Source records
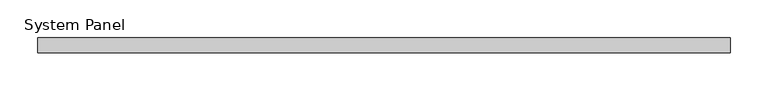
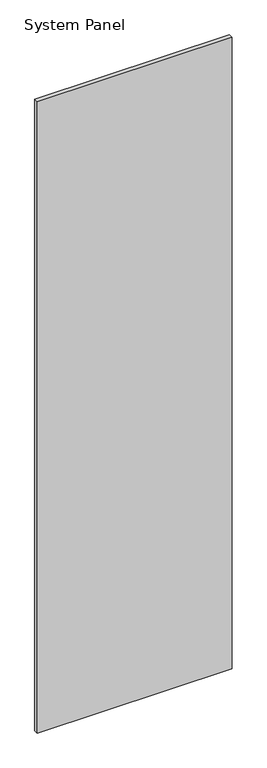
"""IFC4 building model written with IfcOpenShell, lengths in millimetres: plate geometry, System Panel : WWm-Glass-20mm-10mmOffset."""

from ifc_helpers import new_model, si_unit, origin, origin_with_axes, place, context, project, spatial, polyline, outline, extrude, source, transform, mapped, element, save


def system_panel_d54bef9b(model_context):
    return source(origin(), model_context, "Body", "SweptSolid", [
        extrude(outline(polyline([(460.0, 0.0), (-460.0, 0.0), (-460.0, 20.0), (460.0, 20.0), (460.0, 0.0)])), origin_with_axes(), (0.0, 0.0, 1.0), 3150.0),
    ])


if __name__ == "__main__":
    model = new_model("IFC4")
    model_context = context("Model", 3, world=origin())
    ifc_project = project(units=[si_unit("LENGTHUNIT", "METRE", prefix="MILLI")], contexts=[model_context])
    site = spatial("IfcSite", under=ifc_project)
    building = spatial("IfcBuilding", under=site)
    placement = place(None, origin())
    system_panel_shape = system_panel_d54bef9b(model_context)
    element("IfcPlate", 1, ObjectType="System Panel : WWm-Glass-20mm-10mmOffset", at=placement, inside=building, context=model_context, shape_type="MappedRepresentation", body=[
        mapped(system_panel_shape, transform((0.0, 0.0, 0.0), x_axis=(1.0, 0.0, 0.0), y_axis=(0.0, 1.0, 0.0), z_axis=(0.0, 0.0, 1.0))),
    ])
    save(model, "model.ifc")

# Revit data of these elements
# Type "System Panel : WWm-Glass-20mm-10mmOffset"
#   Finish = ""
# Element 1 (IfcPlate, "System Panel : WWm-Glass-20mm-10mmOffset")
#   Materials on its faces: "WW-EC-GL-Storefront"
# Materials
#   "WW-EC-GL-Storefront": class "Glass", colour RGB 236 240 239, transparency 0.85, Description = "Storefront Glass", Cost = 0

- _Task to complete_
Copy every line of the data word for word, omitting the images.

- _Exercise answer_
"""IFC4 building model written with IfcOpenShell, lengths in millimetres: plate geometry, System Panel : WWm-Glass-20mm-10mmOffset."""

from ifc_helpers import new_model, si_unit, origin, origin_with_axes, place, context, project, spatial, polyline, outline, extrude, source, transform, mapped, element, save


def system_panel_d54bef9b(model_context):
    return source(origin(), model_context, "Body", "SweptSolid", [
        extrude(outline(polyline([(460.0, 0.0), (-460.0, 0.0), (-460.0, 20.0), (460.0, 20.0), (460.0, 0.0)])), origin_with_axes(), (0.0, 0.0, 1.0), 3150.0),
    ])


if __name__ == "__main__":
    model = new_model("IFC4")
    model_context = context("Model", 3, world=origin())
    ifc_project = project(units=[si_unit("LENGTHUNIT", "METRE", prefix="MILLI")], contexts=[model_context])
    site = spatial("IfcSite", under=ifc_project)
    building = spatial("IfcBuilding", under=site)
    placement = place(None, origin())
    system_panel_shape = system_panel_d54bef9b(model_context)
    element("IfcPlate", 1, ObjectType="System Panel : WWm-Glass-20mm-10mmOffset", at=placement, inside=building, context=model_context, shape_type="MappedRepresentation", body=[
        mapped(system_panel_shape, transform((0.0, 0.0, 0.0), x_axis=(1.0, 0.0, 0.0), y_axis=(0.0, 1.0, 0.0), z_axis=(0.0, 0.0, 1.0))),
    ])
    save(model, "model.ifc")

# Revit data of these elements
# Type "System Panel : WWm-Glass-20mm-10mmOffset"
#   Finish = ""
# Element 1 (IfcPlate, "System Panel : WWm-Glass-20mm-10mmOffset")
#   Materials on its faces: "WW-EC-GL-Storefront"
# Materials
#   "WW-EC-GL-Storefront": class "Glass", colour RGB 236 240 239, transparency 0.85, Description = "Storefront Glass", Cost = 0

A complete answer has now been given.